Conservation and eco landscape, lake – Khandala Lake - lonavala
Khandala lake is situated on the south side of the Mumbai – Pune Express way and the old Mumbai – Pune highway. The lake is surrounded by three temples, a defunct railway line, formal and informal settlements and a dam wall to the east. Some of the issues affecting the lake are encroachments, vehicle parking into the lake area, entry of sewage and waste water from surrounding development, erosion and siltation from steep hill edges, lack of vegetation, lack of buffer between the lake and highways, dumping of garbage and nirmalya from temples and heavy tourist influx on the lake front.

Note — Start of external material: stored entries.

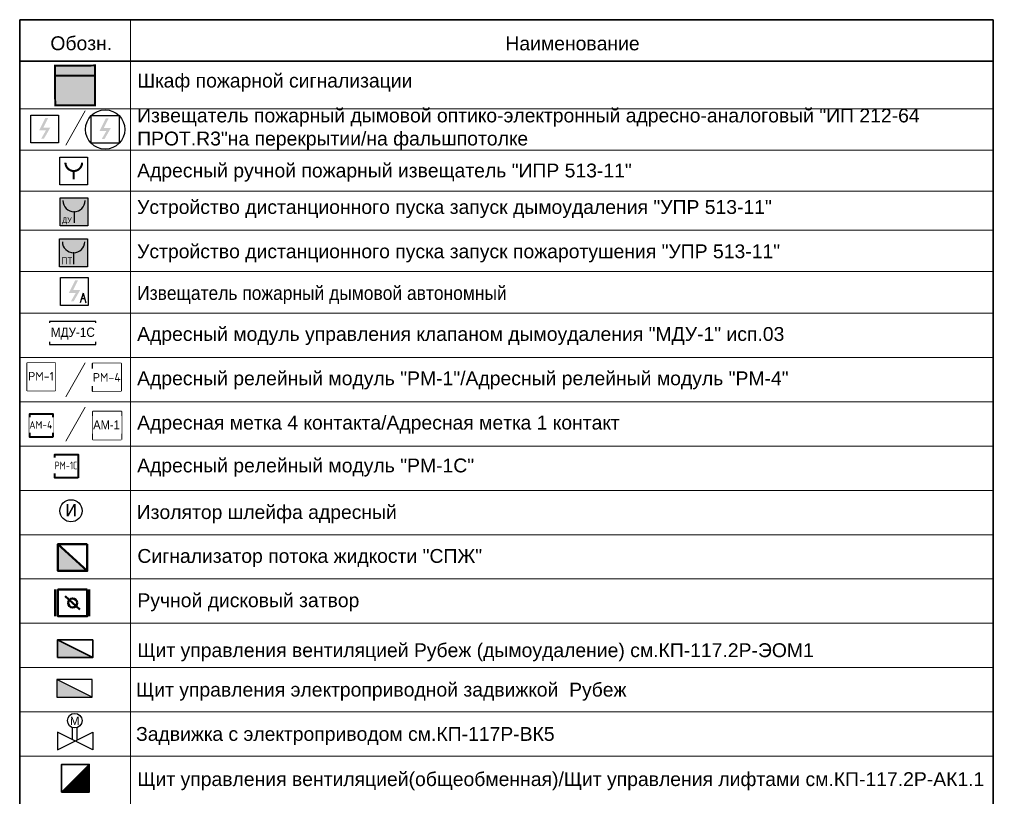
# Model space of a CAD drawing. Header units: millimetres. Extents: x 105028 to 874735, y -568483 to 191941.
# Tile 4 of 135: x 167667 to 185439, y 162658 to 176681. Entities that reach past the tile are written whole.
import ezdxf
from ezdxf.enums import TextEntityAlignment as Align

# ---------------------------------------------------------------- set-up
doc = ezdxf.new("R2010")
doc.units = ezdxf.units.MM
doc.set_wipeout_variables(frame=1)
doc.linetypes.add('ADSK_Осевая', pattern=[30, 12, -6, 6, -6])
for name, color, linetype in [('-SBugo-ПС-Извещатели', 1, 'Continuous'), ('-АТ-Позиция', 7, 'Continuous'), ('АПС', 5, 'Continuous'), ('АПС_AK', 6, 'Continuous'), ('АПС_Оборудование', 1, 'Continuous'), ('ПС', 1, 'Continuous'), ('СС_ШКАФ', 1, 'Continuous'), ('УГО АПС и АПЗ$0$_АПС_Текст', 7, 'Continuous')]:
    doc.layers.add(name, color=color, linetype=linetype)
for name, color, linetype, lineweight in [('_АПС', 7, 'Continuous', 30), ('_АПС_Оборудование', 1, 'Continuous', 30), ('AK_Equipment', 152, 'Continuous', 35), ('CP_ЭЛ_Сила СПЗ_Оборудование', 32, 'Continuous', 35), ('RC-Извещатели_пожарные', 1, 'Continuous', 30), ('Графика', 253, 'Continuous', 20), ('СОУЭ', 1, 'Continuous', 30), ('УГО АПС и АПЗ$0$_АПС_Оборудование', 1, 'Continuous', 30), ('УГО АПС и АПЗ$0$АПС', 1, 'Continuous', 50), ('УГО АПС и АПЗ$0$СС-011-ПОЖ-СИГНАЛИЗАЦИЯ', 1, 'Continuous', 30)]:
    doc.layers.add(name, color=color, linetype=linetype, lineweight=lineweight)
doc.styles.add('Arial', font='arial.ttf', dxfattribs={"width": 0.9, "height": 700})
doc.styles.add('Arial_2', font='arial.ttf', dxfattribs={"width": 0.9, "height": 400})
doc.styles.add('ISOCPEUR', font='isocpeur.ttf', dxfattribs={"height": 300})
doc.styles.add('SB', font='mipgost.shx')
doc.styles.get("Standard").update_dxf_attribs({"font": 'isocpeur.ttf', "width": 0.9})
doc.styles.add('УГО АПС и АПЗ$0$Standard', font='arial.ttf')

# ---------------------------------------------------------------- blocks, each defined once
blk = doc.blocks.new('УГО АПС и АПЗ$0$РМ-4')
at = {"layer": 'УГО АПС и АПЗ$0$_АПС_Оборудование', "lineweight": 40, "ltscale": 100}
blk.add_lwpolyline([(420, -193), (0, -193), (0, 227), (420, 227)], close=True, dxfattribs=at)
blk.add_wipeout([(0, 227), (420, 227), (420, -193), (0, -193)])
at = {"layer": 'УГО АПС и АПЗ$0$_АПС_Оборудование', "ltscale": 100, "insert": (22, 81), "char_height": 130, "attachment_point": 1, "style": 'ISOCPEUR', "bg_fill": 2}
blk.add_mtext_dynamic_manual_height_columns('\\pxi-0.17961;РМ-4', width=259.74, gutter_width=125000, heights=[0], dxfattribs=at)
blk = doc.blocks.new('УГО АПС и АПЗ$0$РМ-1')
at = {"layer": 'УГО АПС и АПЗ$0$АПС', "color": 1, "lineweight": 30, "ltscale": 100}
blk.add_lwpolyline([(-210, 420), (210, 420), (210, 0), (-210, 0)], close=True, dxfattribs=at)
at = {"layer": 'УГО АПС и АПЗ$0$СС-011-ПОЖ-СИГНАЛИЗАЦИЯ', "color": 1, "lineweight": 30}
blk.add_lwpolyline([(-210, 420), (210, 420), (210, 0), (-210, 0)], close=True, dxfattribs=at)
at = {"color": 1}
blk.add_wipeout([(-210, 420), (210, 420), (210, 0), (-210, 0), (-210, 0)], dxfattribs=at)
at = {"color": 1, "lineweight": 30, "style": 'ISOCPEUR'}
blk.add_text('РМ-1', height=130, dxfattribs=at).set_placement((-4, 219), align=Align.MIDDLE_CENTER)
blk = doc.blocks.new('УГО АПС и АПЗ$0$A$C0ED213A1')
blk.add_wipeout([(-200, 0), (0, -200), (200, 0), (0, 200)])
blk.add_circle((0, 0), 200)
at = {"layer": 'УГО АПС и АПЗ$0$СС-011-ПОЖ-СИГНАЛИЗАЦИЯ', "color": 1, "style": 'УГО АПС и АПЗ$0$Standard'}
blk.add_text('и', height=286, dxfattribs=at).set_placement((-108, -98))
blk = doc.blocks.new('*U334')
h = blk.add_hatch(color=1)
h.dxf.hatch_style = 1
h.paths.add_polyline_path([(2, 1.5), (-2, 1.5), (-2, -1.322), (2, -1.322)])
h.paths.add_polyline_path([(2, -1.322), (-2, -1.322), (-2, -2.5), (2, -2.5)])
at = {"color": 7, "const_width": 0.2}
for points in [[(-2, -2.5), (-2, 1.5), (2, 1.5), (2, -2.5), (-2, -2.5)], [(-2, -1.322), (-2, -1.322)], [(2, -1.481), (-2, -1.481)]]:
    blk.add_lwpolyline(points, dxfattribs=at)
blk = doc.blocks.new('ам-4')
blk.add_wipeout([(-197, 213), (223, 213), (223, -207), (-197, -207)]).dxf.layer = 'АПС_Оборудование'
at = {"layer": '_АПС_Оборудование', "lineweight": 40, "ltscale": 100}
blk.add_lwpolyline([(223, -207), (-197, -207), (-197, 213), (223, 213)], close=True, dxfattribs=at)
at = {"layer": '_АПС_Оборудование', "ltscale": 100, "insert": (15, 13), "char_height": 138.6, "attachment_point": 5, "style": 'Arial', "bg_fill": 2}
blk.add_mtext_dynamic_manual_height_columns('\\pxi-0.17961;{\\fISOCPEUR|b0|i0|c204|p34;\\W0.9;АМ\\fISOCPEUR|b0|i0|c0|p34;-4}', width=300, gutter_width=144375, heights=[0], dxfattribs=at)
blk = doc.blocks.new('ЭДУ-513-3АМ (ПТ)')
at = {"layer": '-SBugo-ПС-Извещатели'}
h = blk.add_hatch(color=40, dxfattribs=at)
h.dxf.hatch_style = 1
h.paths.add_polyline_path([(2, 2), (-2, 2), (-2, -2), (2, -2)])
at = {"layer": '-SBugo-ПС-Извещатели', "color": 0, "linetype": 'ByBlock', "lineweight": -2}
blk.add_line((0, 0), (0, -1.6), dxfattribs=at)
blk.add_lwpolyline([(-2, 2), (2, 2), (2, -2), (-2, -2)], close=True, dxfattribs=at)
blk.add_arc((0, 1.6), 1.6, 180, 0, dxfattribs=at)
at = {"layer": '-SBugo-ПС-Извещатели', "color": 0, "linetype": 'ByBlock', "lineweight": -2, "ltscale": 100}
blk.add_point((0, 0), dxfattribs=at)
at = {"insert": (-1.77, -0.64), "char_height": 1, "attachment_point": 1, "style": 'ISOCPEUR'}
blk.add_mtext_dynamic_manual_height_columns('ПТ', width=2, gutter_width=2, heights=[0], dxfattribs=at)
blk = doc.blocks.new('Ящик управления')
h = blk.add_hatch()
h.set_pattern_fill('LINE', color=256, angle=45)
h.set_pattern_definition([(45, (-74850, -27250), (-2.24506403, 2.24506403), [])])
h.paths.add_polyline_path([(-250, -250), (250, -250), (250, 250)])
blk.add_lwpolyline([(-250, -250), (250, -250), (250, 250), (-250, 250)], close=True)
blk.add_lwpolyline([(-250, -250), (250, 250)])
at = {"style": 'Arial', "flags": 12}
blk.add_attdef('CSHU_MARK', text='', height=250, dxfattribs=at).set_placement((0, 500), align=Align.MIDDLE_CENTER)
blk = doc.blocks.new('RC-UGO-IDTA-PP-02')
at = {"layer": 'RC-Извещатели_пожарные', "style": 'ISOCPEUR'}
blk.add_attdef('PSTN', text='', height=2.5, dxfattribs=at).set_placement((5.33, 2.66), align=Align.BOTTOM_CENTER)
blk.add_wipeout([(2.5, 2.5), (2.5, -2.5), (-2.5, -2.5), (-2.5, 2.5)]).dxf.layer = 'RC-Извещатели_пожарные'
blk.add_wipeout([(-2.5, -2.5), (-2.5, 2.5), (2.5, 2.5), (2.5, -2.5)]).dxf.layer = 'RC-Извещатели_пожарные'
at = {"layer": 'RC-Извещатели_пожарные'}
blk.add_hatch(color=256, dxfattribs=at).paths.add_polyline_path([(1.02, 0.25), (-0.13, -1.75), (-0.63, -1.75), (0.23, -0.25), (-1, -0.25), (0.13, 2), (0.63, 2), (-0.25, 0.25)])
at = {"layer": 'RC-Извещатели_пожарные', "ltscale": 30}
for p, q in [((-2.5, 2.5), (2.5, 2.5)), ((-2.5, -2.5), (-2.5, 2.5)), ((2.5, 2.5), (2.5, -2.5)), ((2.5, -2.5), (-2.5, -2.5))]:
    blk.add_line(p, q, dxfattribs=at)
at = {"layer": 'RC-Извещатели_пожарные'}
blk.add_circle((0, 0), 3.54, dxfattribs=at)
blk = doc.blocks.new('*U332')
blk.add_wipeout([(2.5, 2.5), (2.5, -2.5), (-2.5, -2.5), (-2.5, 2.5)]).dxf.layer = 'RC-Извещатели_пожарные'
blk.add_wipeout([(-2.5, -2.5), (-2.5, 2.5), (2.5, 2.5), (2.5, -2.5)]).dxf.layer = 'RC-Извещатели_пожарные'
at = {"layer": 'RC-Извещатели_пожарные'}
blk.add_hatch(color=256, dxfattribs=at).paths.add_polyline_path([(1.02, 0.25), (-0.13, -1.75), (-0.63, -1.75), (0.23, -0.25), (-1, -0.25), (0.13, 2), (0.63, 2), (-0.25, 0.25)])
at = {"layer": 'RC-Извещатели_пожарные', "ltscale": 30}
for p, q in [((-2.5, 2.5), (2.5, 2.5)), ((-2.5, -2.5), (-2.5, 2.5)), ((2.5, 2.5), (2.5, -2.5)), ((2.5, -2.5), (-2.5, -2.5))]:
    blk.add_line(p, q, dxfattribs=at)
at = {"layer": 'RC-Извещатели_пожарные', "ltscale": 100}
for q in [(1.01, -2.05), (2.08, -2.05)]:
    blk.add_line((1.55, -0.3), q, dxfattribs=at)
at = {"layer": 'RC-Извещатели_пожарные'}
blk.add_line((1.86, -1.31), (1.24, -1.31), dxfattribs=at)
at = {"layer": 'RC-Извещатели_пожарные', "style": 'ISOCPEUR'}
blk.add_attdef('PSTN', text='', height=2.5, dxfattribs=at).set_placement((5.24, 2.5), align=Align.BOTTOM_CENTER)
blk = doc.blocks.new('RC-UGO-IRA-01')
blk.add_wipeout([(2.5, 2.5), (2.5, -2.5), (-2.5, -2.5), (-2.5, 2.5)]).dxf.layer = 'RC-Извещатели_пожарные'
blk.add_wipeout([(-2.5, -2.5), (-2.5, 2.5), (2.5, 2.5), (2.5, -2.5)]).dxf.layer = 'RC-Извещатели_пожарные'
at = {"layer": 'RC-Извещатели_пожарные', "ltscale": 30}
blk.add_lwpolyline([(2.5, 2.5), (2.5, -2.5), (-2.5, -2.5), (-2.5, 2.5)], close=True, dxfattribs=at)
at = {"layer": 'RC-Извещатели_пожарные', "ltscale": 30, "const_width": 0.375}
blk.add_lwpolyline([(-1.5, 1.5, 1), (1.5, 1.5, 1)], format="xyb", dxfattribs=at)
blk.add_lwpolyline([(0, 0), (0, -1.5)], dxfattribs=at)
at = {"layer": 'RC-Извещатели_пожарные'}
blk.add_attdef('PSTN', text='', height=1.5, dxfattribs=at).set_placement((2.5, 2.5), align=Align.BOTTOM_CENTER)
blk = doc.blocks.new('ИП 212-64 прот.R3')
blk.add_wipeout([(2.5, 2.5), (2.5, -2.5), (-2.5, -2.5), (-2.5, 2.5)]).dxf.layer = 'RC-Извещатели_пожарные'
blk.add_wipeout([(-2.5, -2.5), (-2.5, 2.5), (2.5, 2.5), (2.5, -2.5)]).dxf.layer = 'RC-Извещатели_пожарные'
at = {"layer": 'RC-Извещатели_пожарные'}
blk.add_hatch(color=256, dxfattribs=at).paths.add_polyline_path([(1.02, 0.25), (-0.13, -1.75), (-0.63, -1.75), (0.23, -0.25), (-1, -0.25), (0.13, 2), (0.63, 2), (-0.25, 0.25)])
at = {"layer": 'RC-Извещатели_пожарные', "ltscale": 30}
for p, q in [((-2.5, 2.5), (2.5, 2.5)), ((-2.5, -2.5), (-2.5, 2.5)), ((2.5, 2.5), (2.5, -2.5)), ((2.5, -2.5), (-2.5, -2.5))]:
    blk.add_line(p, q, dxfattribs=at)
blk = doc.blocks.new('РМ-1С')
blk.add_wipeout([(0, 420), (420, 420), (420, 0), (0, 0), (0, 407)])
at = {"layer": '_АПС_Оборудование', "lineweight": 40, "ltscale": 100}
blk.add_lwpolyline([(420, 0), (0, 0), (0, 420), (420, 420)], close=True, dxfattribs=at)
at = {"layer": '_АПС_Оборудование', "ltscale": 100, "insert": (20, 295), "char_height": 140, "attachment_point": 1, "style": 'Arial', "bg_fill": 2}
blk.add_mtext_dynamic_manual_height_columns('\\pxi-0.17961;{\\fISOCPEUR|b0|i0|c0|p34;\\W0.8;P\\fISOCPEUR|b0|i0|c204|p34;М\\fISOCPEUR|b0|i0|c0|p34;-1\\fISOCPEUR|b0|i0|c204|p34;С}', width=259.74, gutter_width=125000, heights=[0], dxfattribs=at)
blk = doc.blocks.new('ЭДУ-513-3АМ (ДУ)')
at = {"layer": '-SBugo-ПС-Извещатели'}
h = blk.add_hatch(color=30, dxfattribs=at)
h.dxf.hatch_style = 1
h.paths.add_polyline_path([(2, 2), (-2, 2), (-2, -2), (2, -2)])
at = {"layer": '-SBugo-ПС-Извещатели', "color": 0, "linetype": 'ByBlock', "lineweight": -2}
blk.add_line((0, 0), (0, -1.6), dxfattribs=at)
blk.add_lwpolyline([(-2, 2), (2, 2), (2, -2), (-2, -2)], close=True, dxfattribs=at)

The objective of the proposal is to improve the water quality, revive the natural processes of the lake and provide for necessary public amenities. The following concepts are proposed to achieve this objective
- Defining the water edge
- Introducing the lake fronts as softer transition spaces
- Restoration of the catchment areas
- Creating buffer areas in between the water bodies and the roads and railways
- Revival of edges through Biotechnologies
- Redesigning storm water outfalls
- Building collection/ retention ponds where there are surface run offs and storm water entering the lake
- Implementation strategies for development and activities
- Interactive spaces and sites for Public discourses
- Developing guidelines for the future sustainability
Khandala town, Pune District, Maharashtra
Commissioned by – lake proposed under NLCP, environment department, Mantralaya
Lonavala and Khandala are twin hill stations, located 622 m. above sea level, in the Sahyadri ranges. These hill stations are listed amongst the important global biodiversity hot spots and are interesting regions for observing avifauna and flora of Maharashtra including several endemic species. Located midway between Mumbai and Pune, the two big cities of Maharashtra State they are well known as an easy getaway place for the busy urban population of the two cities. Though the area is rich in natural features, they have not escaped the pressures of urbanisation in the surrounding metros and have borne the brunt of the infrastructural needs.